Georg Kallweit  Barocklvioline von Camillus Camilli ( Mantua 1740),

Bereits während seines Studiums an der Berliner Hochschule für Musik Hanns Eisler, und Parallel zu seinem späteren Engagement beim Rundfunk- Sinfonieorchester Berlin, beschäftigte sich Georg Kalweit intensiv mit Stilfragen zur vor- und frühklassischen Musik.

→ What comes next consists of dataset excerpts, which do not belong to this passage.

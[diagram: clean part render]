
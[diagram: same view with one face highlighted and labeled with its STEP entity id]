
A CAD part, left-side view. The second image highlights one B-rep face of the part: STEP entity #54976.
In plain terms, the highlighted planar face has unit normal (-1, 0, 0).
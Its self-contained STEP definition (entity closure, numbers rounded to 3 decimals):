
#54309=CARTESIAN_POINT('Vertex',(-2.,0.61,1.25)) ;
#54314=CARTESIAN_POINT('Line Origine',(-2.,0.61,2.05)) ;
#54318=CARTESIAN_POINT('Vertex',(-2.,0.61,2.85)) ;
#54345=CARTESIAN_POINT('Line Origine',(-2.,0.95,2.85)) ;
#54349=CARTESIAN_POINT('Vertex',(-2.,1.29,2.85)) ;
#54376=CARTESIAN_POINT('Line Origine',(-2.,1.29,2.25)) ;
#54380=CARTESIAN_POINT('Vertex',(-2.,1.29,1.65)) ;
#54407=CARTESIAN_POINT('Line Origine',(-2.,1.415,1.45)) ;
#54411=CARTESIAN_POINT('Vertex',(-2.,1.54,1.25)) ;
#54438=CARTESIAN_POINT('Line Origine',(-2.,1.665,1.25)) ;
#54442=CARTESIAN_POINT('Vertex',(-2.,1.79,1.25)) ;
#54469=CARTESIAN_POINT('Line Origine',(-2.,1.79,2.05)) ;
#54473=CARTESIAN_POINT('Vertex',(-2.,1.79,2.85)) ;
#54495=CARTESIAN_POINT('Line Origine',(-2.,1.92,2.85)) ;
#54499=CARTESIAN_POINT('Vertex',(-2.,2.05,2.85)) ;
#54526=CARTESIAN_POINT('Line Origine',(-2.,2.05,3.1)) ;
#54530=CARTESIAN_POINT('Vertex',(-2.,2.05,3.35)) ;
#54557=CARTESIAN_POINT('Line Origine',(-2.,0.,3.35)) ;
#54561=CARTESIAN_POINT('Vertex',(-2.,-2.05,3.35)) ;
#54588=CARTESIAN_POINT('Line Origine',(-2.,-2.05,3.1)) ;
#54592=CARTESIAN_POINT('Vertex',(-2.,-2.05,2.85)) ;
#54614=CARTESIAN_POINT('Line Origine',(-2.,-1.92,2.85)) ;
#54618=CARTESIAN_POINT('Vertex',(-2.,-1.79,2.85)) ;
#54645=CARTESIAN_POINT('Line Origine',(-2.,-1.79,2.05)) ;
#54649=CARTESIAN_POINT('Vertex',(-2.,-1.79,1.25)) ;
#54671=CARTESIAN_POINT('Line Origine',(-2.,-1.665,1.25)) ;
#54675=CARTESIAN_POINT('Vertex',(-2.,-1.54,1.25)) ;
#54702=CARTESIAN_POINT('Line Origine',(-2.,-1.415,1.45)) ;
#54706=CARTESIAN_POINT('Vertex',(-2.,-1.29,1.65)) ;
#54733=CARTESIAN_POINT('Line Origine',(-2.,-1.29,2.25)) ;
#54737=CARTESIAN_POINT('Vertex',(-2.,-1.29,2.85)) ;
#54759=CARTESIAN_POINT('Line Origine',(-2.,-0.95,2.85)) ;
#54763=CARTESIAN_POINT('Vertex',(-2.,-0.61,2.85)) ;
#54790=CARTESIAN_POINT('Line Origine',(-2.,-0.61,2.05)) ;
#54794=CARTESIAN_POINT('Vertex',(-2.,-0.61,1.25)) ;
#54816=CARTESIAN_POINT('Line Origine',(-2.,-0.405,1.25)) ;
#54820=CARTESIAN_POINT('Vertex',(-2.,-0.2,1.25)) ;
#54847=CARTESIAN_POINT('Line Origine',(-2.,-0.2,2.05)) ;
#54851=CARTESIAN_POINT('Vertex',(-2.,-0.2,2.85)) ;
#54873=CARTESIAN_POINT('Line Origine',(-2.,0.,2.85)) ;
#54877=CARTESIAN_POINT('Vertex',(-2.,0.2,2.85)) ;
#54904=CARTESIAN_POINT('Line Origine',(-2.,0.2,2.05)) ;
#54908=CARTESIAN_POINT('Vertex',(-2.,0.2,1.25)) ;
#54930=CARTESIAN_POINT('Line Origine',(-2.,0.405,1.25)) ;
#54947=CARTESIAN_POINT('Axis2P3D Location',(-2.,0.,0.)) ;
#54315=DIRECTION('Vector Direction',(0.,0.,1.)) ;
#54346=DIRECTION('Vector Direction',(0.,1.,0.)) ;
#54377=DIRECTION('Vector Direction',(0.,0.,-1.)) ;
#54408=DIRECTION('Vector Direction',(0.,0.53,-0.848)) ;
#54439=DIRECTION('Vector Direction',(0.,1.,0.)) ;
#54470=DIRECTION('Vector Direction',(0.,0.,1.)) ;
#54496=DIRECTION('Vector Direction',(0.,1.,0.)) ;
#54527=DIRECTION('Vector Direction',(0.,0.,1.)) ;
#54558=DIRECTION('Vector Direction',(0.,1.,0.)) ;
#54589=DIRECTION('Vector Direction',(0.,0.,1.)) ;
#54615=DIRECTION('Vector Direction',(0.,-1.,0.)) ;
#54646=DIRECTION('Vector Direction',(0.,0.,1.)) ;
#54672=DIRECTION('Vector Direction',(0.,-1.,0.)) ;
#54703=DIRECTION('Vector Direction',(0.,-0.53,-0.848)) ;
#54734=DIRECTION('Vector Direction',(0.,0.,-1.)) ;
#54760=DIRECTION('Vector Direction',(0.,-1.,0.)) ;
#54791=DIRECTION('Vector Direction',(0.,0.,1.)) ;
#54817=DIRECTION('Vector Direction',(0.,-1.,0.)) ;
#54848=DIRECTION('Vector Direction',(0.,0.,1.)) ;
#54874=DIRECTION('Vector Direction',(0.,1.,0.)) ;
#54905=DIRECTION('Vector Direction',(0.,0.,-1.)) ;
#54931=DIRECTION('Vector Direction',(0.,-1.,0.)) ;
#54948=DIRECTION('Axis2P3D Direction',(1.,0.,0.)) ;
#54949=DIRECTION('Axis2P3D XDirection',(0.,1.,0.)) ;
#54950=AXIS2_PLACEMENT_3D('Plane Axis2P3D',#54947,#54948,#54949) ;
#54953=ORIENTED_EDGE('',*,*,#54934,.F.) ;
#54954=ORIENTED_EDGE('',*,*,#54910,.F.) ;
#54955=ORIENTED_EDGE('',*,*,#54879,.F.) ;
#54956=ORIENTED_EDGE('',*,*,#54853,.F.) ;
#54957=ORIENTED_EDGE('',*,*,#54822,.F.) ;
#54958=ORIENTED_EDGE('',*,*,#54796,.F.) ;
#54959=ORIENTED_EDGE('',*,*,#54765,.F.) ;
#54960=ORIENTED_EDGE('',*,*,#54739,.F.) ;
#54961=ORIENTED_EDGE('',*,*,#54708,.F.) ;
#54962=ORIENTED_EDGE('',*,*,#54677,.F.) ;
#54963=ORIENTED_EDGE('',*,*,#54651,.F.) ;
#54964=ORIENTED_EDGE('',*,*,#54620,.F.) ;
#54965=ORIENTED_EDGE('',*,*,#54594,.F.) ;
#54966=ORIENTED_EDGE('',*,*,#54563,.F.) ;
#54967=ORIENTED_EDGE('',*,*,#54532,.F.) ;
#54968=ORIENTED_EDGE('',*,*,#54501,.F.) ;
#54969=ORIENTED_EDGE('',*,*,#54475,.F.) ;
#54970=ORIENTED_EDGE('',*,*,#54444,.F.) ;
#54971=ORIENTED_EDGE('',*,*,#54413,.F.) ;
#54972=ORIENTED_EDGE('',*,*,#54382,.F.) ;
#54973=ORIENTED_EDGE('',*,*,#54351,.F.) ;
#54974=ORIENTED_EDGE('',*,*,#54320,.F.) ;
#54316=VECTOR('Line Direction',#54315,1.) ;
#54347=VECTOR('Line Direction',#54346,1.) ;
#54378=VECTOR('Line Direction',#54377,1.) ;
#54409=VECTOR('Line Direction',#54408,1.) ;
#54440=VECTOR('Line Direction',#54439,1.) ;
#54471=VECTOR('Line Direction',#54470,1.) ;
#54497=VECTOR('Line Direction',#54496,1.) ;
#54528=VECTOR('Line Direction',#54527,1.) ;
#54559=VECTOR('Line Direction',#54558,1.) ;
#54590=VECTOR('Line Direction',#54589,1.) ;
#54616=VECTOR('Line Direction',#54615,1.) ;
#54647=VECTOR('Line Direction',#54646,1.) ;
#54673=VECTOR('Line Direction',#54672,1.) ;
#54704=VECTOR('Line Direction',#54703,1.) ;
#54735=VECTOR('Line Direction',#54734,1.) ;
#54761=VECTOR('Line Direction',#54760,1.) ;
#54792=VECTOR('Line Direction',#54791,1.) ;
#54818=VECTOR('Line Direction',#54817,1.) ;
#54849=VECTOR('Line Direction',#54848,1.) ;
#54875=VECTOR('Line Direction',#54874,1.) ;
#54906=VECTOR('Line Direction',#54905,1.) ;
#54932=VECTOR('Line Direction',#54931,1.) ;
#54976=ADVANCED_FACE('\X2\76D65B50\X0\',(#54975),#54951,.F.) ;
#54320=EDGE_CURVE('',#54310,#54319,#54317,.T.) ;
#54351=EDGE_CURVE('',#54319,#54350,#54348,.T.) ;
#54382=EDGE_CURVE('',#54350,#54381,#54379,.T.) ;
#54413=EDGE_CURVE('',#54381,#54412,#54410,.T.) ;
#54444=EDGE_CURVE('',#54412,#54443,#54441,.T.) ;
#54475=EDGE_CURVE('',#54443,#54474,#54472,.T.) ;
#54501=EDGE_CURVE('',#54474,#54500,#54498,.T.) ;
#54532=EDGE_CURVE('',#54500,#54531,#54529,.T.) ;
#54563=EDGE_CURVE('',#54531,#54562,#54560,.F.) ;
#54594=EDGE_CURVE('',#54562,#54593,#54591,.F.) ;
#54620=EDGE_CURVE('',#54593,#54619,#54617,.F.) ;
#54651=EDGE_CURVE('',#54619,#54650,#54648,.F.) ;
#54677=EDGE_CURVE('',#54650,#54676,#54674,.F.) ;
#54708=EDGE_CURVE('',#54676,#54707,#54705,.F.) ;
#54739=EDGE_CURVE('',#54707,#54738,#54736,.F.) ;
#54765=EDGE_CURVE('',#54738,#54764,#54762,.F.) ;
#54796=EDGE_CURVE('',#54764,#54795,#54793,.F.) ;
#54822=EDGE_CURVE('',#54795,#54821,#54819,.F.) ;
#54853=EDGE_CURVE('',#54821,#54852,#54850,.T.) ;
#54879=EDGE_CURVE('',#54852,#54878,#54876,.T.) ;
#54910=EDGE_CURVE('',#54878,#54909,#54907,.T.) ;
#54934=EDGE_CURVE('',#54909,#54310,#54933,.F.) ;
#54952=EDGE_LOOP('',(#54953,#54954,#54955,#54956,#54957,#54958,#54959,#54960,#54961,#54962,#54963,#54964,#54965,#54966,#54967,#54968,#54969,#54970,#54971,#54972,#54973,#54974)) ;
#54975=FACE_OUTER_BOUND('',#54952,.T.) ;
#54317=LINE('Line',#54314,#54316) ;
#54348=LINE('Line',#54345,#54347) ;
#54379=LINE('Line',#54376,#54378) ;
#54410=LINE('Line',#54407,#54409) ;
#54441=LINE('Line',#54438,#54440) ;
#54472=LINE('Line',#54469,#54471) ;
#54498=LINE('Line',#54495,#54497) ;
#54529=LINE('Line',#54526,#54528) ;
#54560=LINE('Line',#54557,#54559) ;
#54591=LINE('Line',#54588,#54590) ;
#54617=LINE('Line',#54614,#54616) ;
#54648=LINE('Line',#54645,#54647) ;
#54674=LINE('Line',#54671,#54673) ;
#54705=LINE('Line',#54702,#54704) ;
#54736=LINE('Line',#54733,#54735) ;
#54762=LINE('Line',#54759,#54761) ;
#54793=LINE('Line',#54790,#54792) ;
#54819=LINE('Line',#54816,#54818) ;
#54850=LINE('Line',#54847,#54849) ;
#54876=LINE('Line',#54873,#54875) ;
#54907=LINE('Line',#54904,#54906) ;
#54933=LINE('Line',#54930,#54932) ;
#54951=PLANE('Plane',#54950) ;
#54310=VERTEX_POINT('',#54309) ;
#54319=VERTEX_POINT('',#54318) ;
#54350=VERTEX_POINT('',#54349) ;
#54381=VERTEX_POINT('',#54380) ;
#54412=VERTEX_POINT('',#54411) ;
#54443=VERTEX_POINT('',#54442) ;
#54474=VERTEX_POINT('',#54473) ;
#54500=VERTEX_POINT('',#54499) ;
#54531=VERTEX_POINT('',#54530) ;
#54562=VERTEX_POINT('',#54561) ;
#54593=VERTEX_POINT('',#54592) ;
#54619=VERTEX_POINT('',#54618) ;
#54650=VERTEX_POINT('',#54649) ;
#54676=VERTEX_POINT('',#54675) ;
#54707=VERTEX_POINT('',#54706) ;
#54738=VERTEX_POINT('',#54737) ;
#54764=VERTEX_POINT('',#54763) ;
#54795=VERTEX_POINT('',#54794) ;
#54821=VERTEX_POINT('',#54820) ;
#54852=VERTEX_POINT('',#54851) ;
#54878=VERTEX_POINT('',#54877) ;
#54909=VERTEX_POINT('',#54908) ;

Als Mitglied, Konzertmeister und Solist der Akademie für Alte Musik Berlin, und Gast anderer renommierter Ensembles ist Kallweit heute längst zum vielgefragten Spezialisten seines Fachs avanciert. Dabei nehmen das solistische Repertoire und die Ensembleleitung einen immer größeren Stellenwert ein. So arbeitet er als künstlerischer Leiter bzw. Konzertmeister regelmäßig mit Barockorchestern und renommierten „modernen“ Klangkörpern wie dem Ensemble Resonanz Hamburg, dem Finnish Baroque Orchestra, den Deutschen Kammervirtuosen Berlin (Deutsches Sinfonie Orchester),  der Lauttencompagney Berlin und vielen anderen zusammen.   Seit einigen Jahren verbindet  ihn im Ensemble „Ombra e Luce“ eine erfolgreiche Duopartnerschaft mit dem Lautenisten Björn Colell in der Erarbeitung frühen italienischen Repertoires.

Es liegen über sechzig, mit vielen internationalen Preisen ausgezeichnete CD- Einspielungen vor, darunter Aufnahmen mit Violinkonzerten bei „Harmonia Mundi France“, Kammermusik mit der Berliner Barock Compagney, Recitals mit „Ombra e Luce“ bei  „Raumklang“ und vieles mehr. Seine rege internationale Konzerttätigkeit führte Ihn in nahezu alle europäischen Länder und regelmäßig nach Nord-, Südamerika und Asien. Als Dozent unterrichtete er an den Musikhochschulen in Leipzig, Weimar, Helsinki und arbeitet regelmäßig mit dem Jugendbarockorchester Bachs Erben.

Im Berliner Radialsystem V war Georg Kallweit wiederholt maßgeblich an der Entwicklung und Produktion außergewöhnlicher szenischer Konzertprojekte beteiligt.